Tag Archives: country life

The TimeWarpVille Saga – Other Local Attractions – Food – Corn – Rain and Wireless Phoneless

As good as Barbeque’s likely to get

The locals I talked to all seemed to agree Lum’s is either the best barbeque in town, or tasty enough to balance the high cost of Cooper’s, down the road.  I’ve eaten there three times now, found them to be clean, friendly, and surrounded by an ambiance unusual enough to be almost distracting.  Good food, Lum’s. 

As I finished my meal an older guy with a cane walked past my table.  He sported a hip-holster with a Glock, ready for action.  If I’d finished earlier, and if I’d arrived in town heeled, I’d have waited for him outside and shouted, “Fill your hand you SOB!”

Then he could have shot me down, gazed sadly at my bullet-riddled corpse and muttered, “Just another young tough trying to build a reputation.”

It would have provided a great denouement.

This could be a lot more important than you imagine

There’s corn here to be had.

A worthy cause that gives no offense except to those [such as myself] who don’t even like to be told what kind of day to have.

Too small for Clark Kent

A futuristic wireless, cordless, phoneless booth.

We middle-of-the-roaders try to be there for one another

And a bull trotting along the centerline blocking the highway for a mile or more.  I took him to be another, spiritual kinfolk to myself, called to serve on the Big Jury, and headed home unrequited.

Old Jules

Done Deal Down in the Middle of Nowhere

Good morning readers.  Thanks for coming by for a read.

Drove that house out here at speeds that our great-great grandaddies would have fainted and revived themselves to know.   By 19th Century standards it was a rush.  By 20th Century standards it slowed down some.  But it came down the 19th Century standards road from the pavement to the cabin as smoothly as a buckboard or stagecoach would have. 

Didn’t require many miles to discover I’m gonna need to install some helpers for the rear leaf springs.  Or replace the old ones.  A cross-wind at 55 adds thrills a person couldn’t find on a drag strip or Daytona speedway.

Now, whenever this is, I’m going to have to see if it will climb back out of here, drive over to the County Seat at TimeWarpVille, Texas.  Maybe turn loose a few criminals if I get selected for jury duty.

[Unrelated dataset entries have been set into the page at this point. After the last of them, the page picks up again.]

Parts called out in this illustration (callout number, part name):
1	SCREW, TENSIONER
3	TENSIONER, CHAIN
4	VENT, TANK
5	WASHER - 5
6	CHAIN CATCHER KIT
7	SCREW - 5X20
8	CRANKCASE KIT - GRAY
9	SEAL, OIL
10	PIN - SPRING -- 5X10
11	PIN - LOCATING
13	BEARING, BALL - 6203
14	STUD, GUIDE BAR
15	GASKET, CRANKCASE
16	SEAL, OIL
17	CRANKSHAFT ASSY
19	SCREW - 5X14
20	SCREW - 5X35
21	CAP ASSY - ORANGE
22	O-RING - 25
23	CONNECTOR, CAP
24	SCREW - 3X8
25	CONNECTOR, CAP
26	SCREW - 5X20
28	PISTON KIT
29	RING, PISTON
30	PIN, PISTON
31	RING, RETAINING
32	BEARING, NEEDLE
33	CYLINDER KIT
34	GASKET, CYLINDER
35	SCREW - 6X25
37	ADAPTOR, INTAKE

Civic duties, civic duties, civic duties!  Just drives me crazy!

Old Jules

Down Here Where It’s Sane

Good morning readers. Thanks for coming by for a read this morning.

I try not to allow myself to get too involved in the kinds of things real people trouble themselves over, but for the past several months Real Reality’s been poking me and pinching me on the rump.  Real Reality’s an ego-maniac, thinks it’s important and if a person isn’t careful it can convince him it has something to do with anything, make a considerable nuisance of itself.

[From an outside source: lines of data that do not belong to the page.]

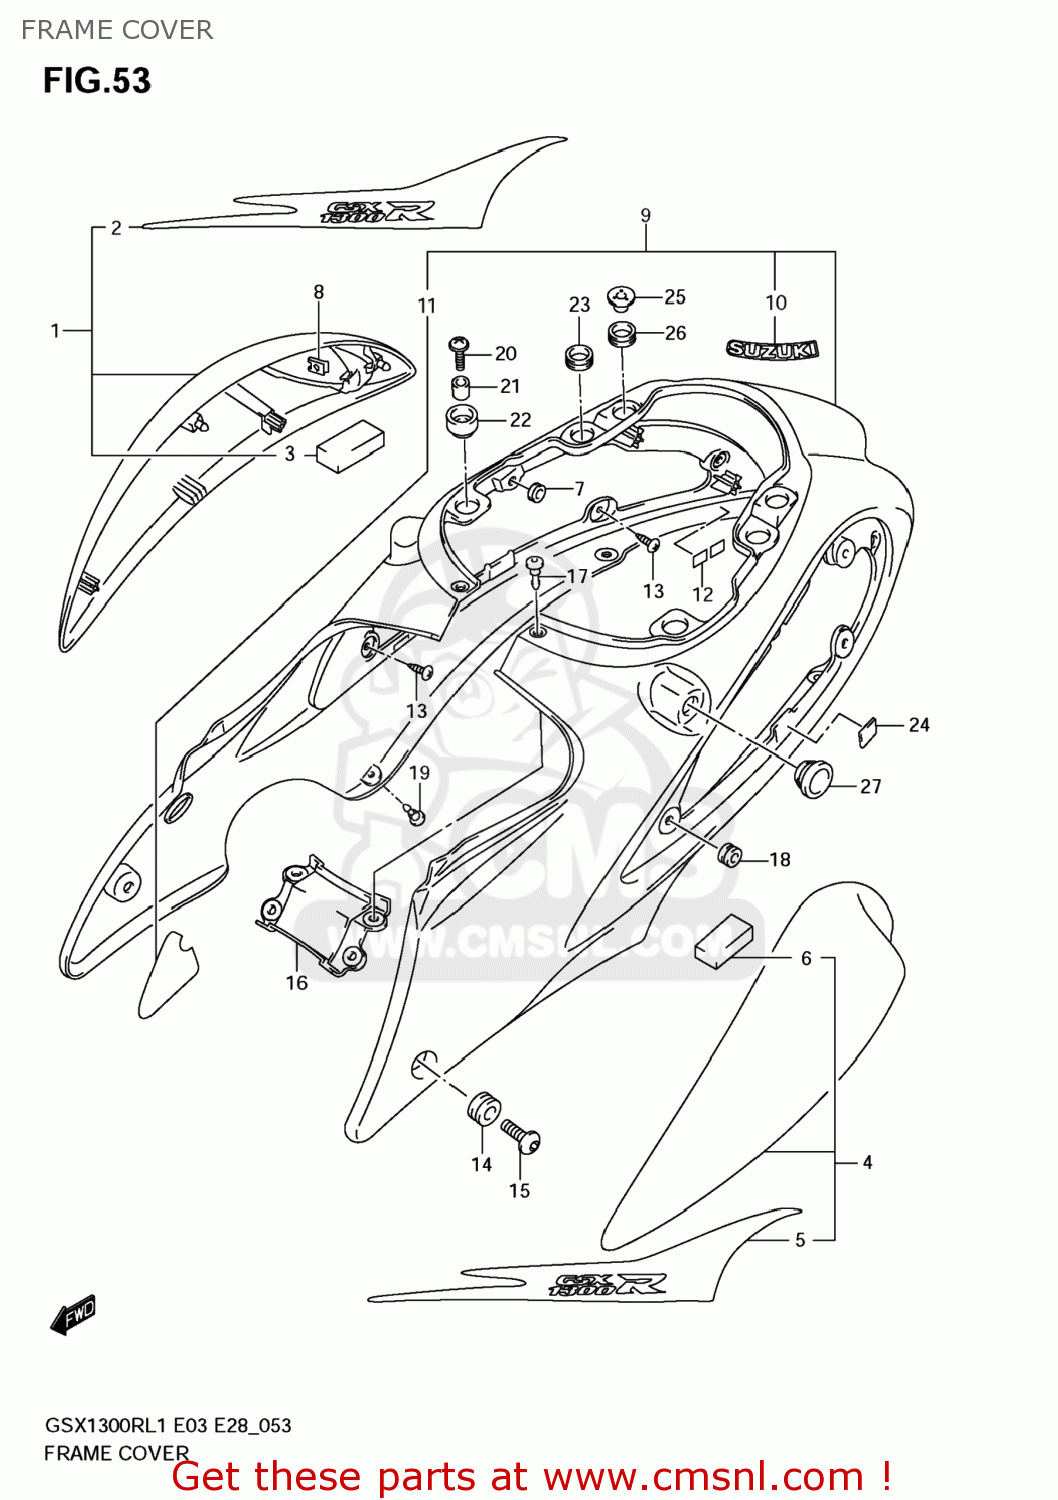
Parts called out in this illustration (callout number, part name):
1	COVER COMP,FRA
2	TAPE,FRAME COVER,R
3	CUSHION,FRAME COVER
4	COVER COMP,FRA
5	TAPE,FRAME COVER,L
6	CUSHION,FRAME COVER
7	CUSHION
8	NUT
9	COVER,FRAME CTR
10	EMBLEM,SUZUKI
11	TAPE,CTR
12	CUSHION,SEAT TAIL COVER LWR RR
13	SCREW(5X15)
14	CUSHION
15	SCREW(6X20)
16	LID,FRAME COVER CTR
17	CLIP(BLACK)
18	CUSHION
19	CLIP
20	SCREW(6X20)
21	SPACER(6.5X10X11)
22	CUSHION,SEAT TAIL COVER CTR
23	CUSHION,FRAME COVER UPR RR
24	PROTECTOR(170X95X3.0)
25	WASHER,FRAME COVER
26	CUSHION,FRAME COVER UPR RR RR
27	CUSHION,FRAME COVER CTR
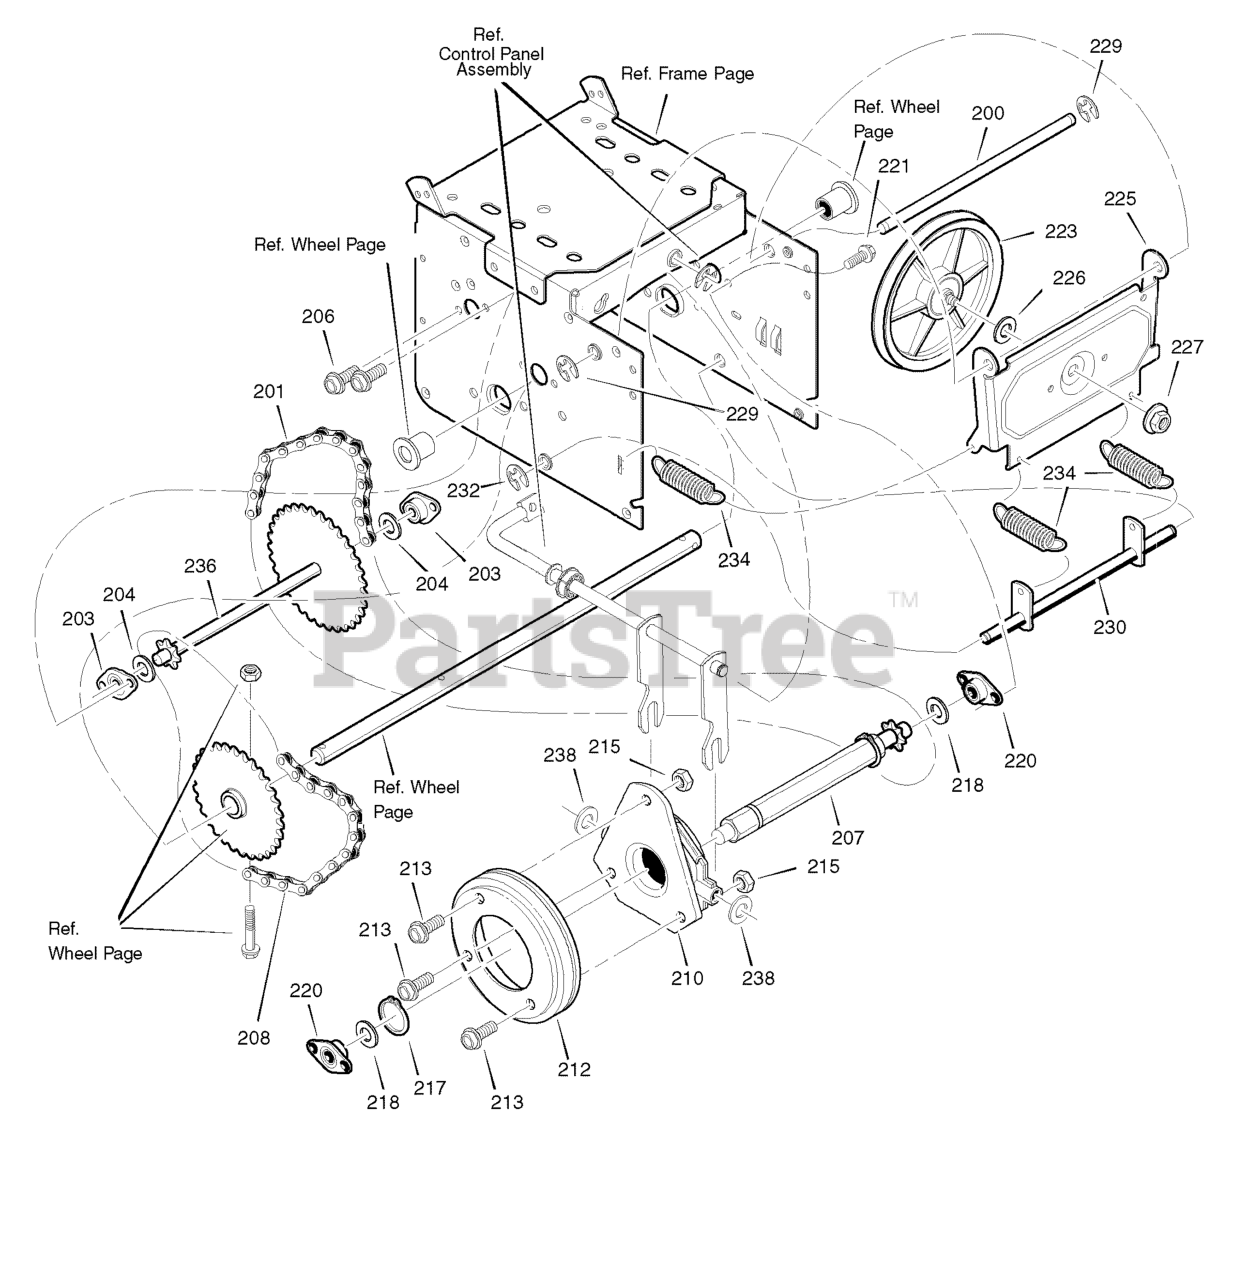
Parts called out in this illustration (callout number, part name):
200	LF AXLE, SWING PLATE YZ
201	CHAIN, ROLLER #420x19.00
203	BEARING AND RETAINER, ASSY
206	SCREW, TAP 5/16-18 x 0.5
207	ASSY, HEX SHAFT
208	CHAIN, ROLLER #420x18.00 LG
210	BEARING, TRUNION CLUTCH R
212	WHEEL, FRICTION DISC
215	NUT, KEPS HEX 1/4-20
217	RING, RETEXT
220	BEARING AND RETAINER, ASSY
221	SCREW, TAP 5/16-18 x .5
223	ASSEMBLY, FRICTION PULLY
225	LF PLATE, SWINGING YZ
226	SPACER, FRICTION PULLEY
227	NUT, FLANGE LOCK 3/8-24
229	RETAINER, RING
230	LF ASSY, SPRING LINK YZ
232	RETAINER, RING
234	SPRING, EXTENSION
236	WLD, INTERMED SPROCKET 33T/7
238	WASHER, FLAT

All these oak trees falling, others threatening to fall on inconvenient and distracting places.  Various new roof leaks.  A number of other nagging items not worth mentioning.  They’ve been taps on the shoulder by Real Reality I’ve suspected might be followed by a round-house to the jaw if I didn’t duck and dodge.

So, a few days ago when I came across a 1983 Toyota RV I can manage to squeeze me and the cats into [out from under trees] I felt more relief than I expected of myself.  I can quit wondering where I’m going to live, at least structurally and what I’m going to drive transportationally.  Opens the doors to more palatable geographic questions.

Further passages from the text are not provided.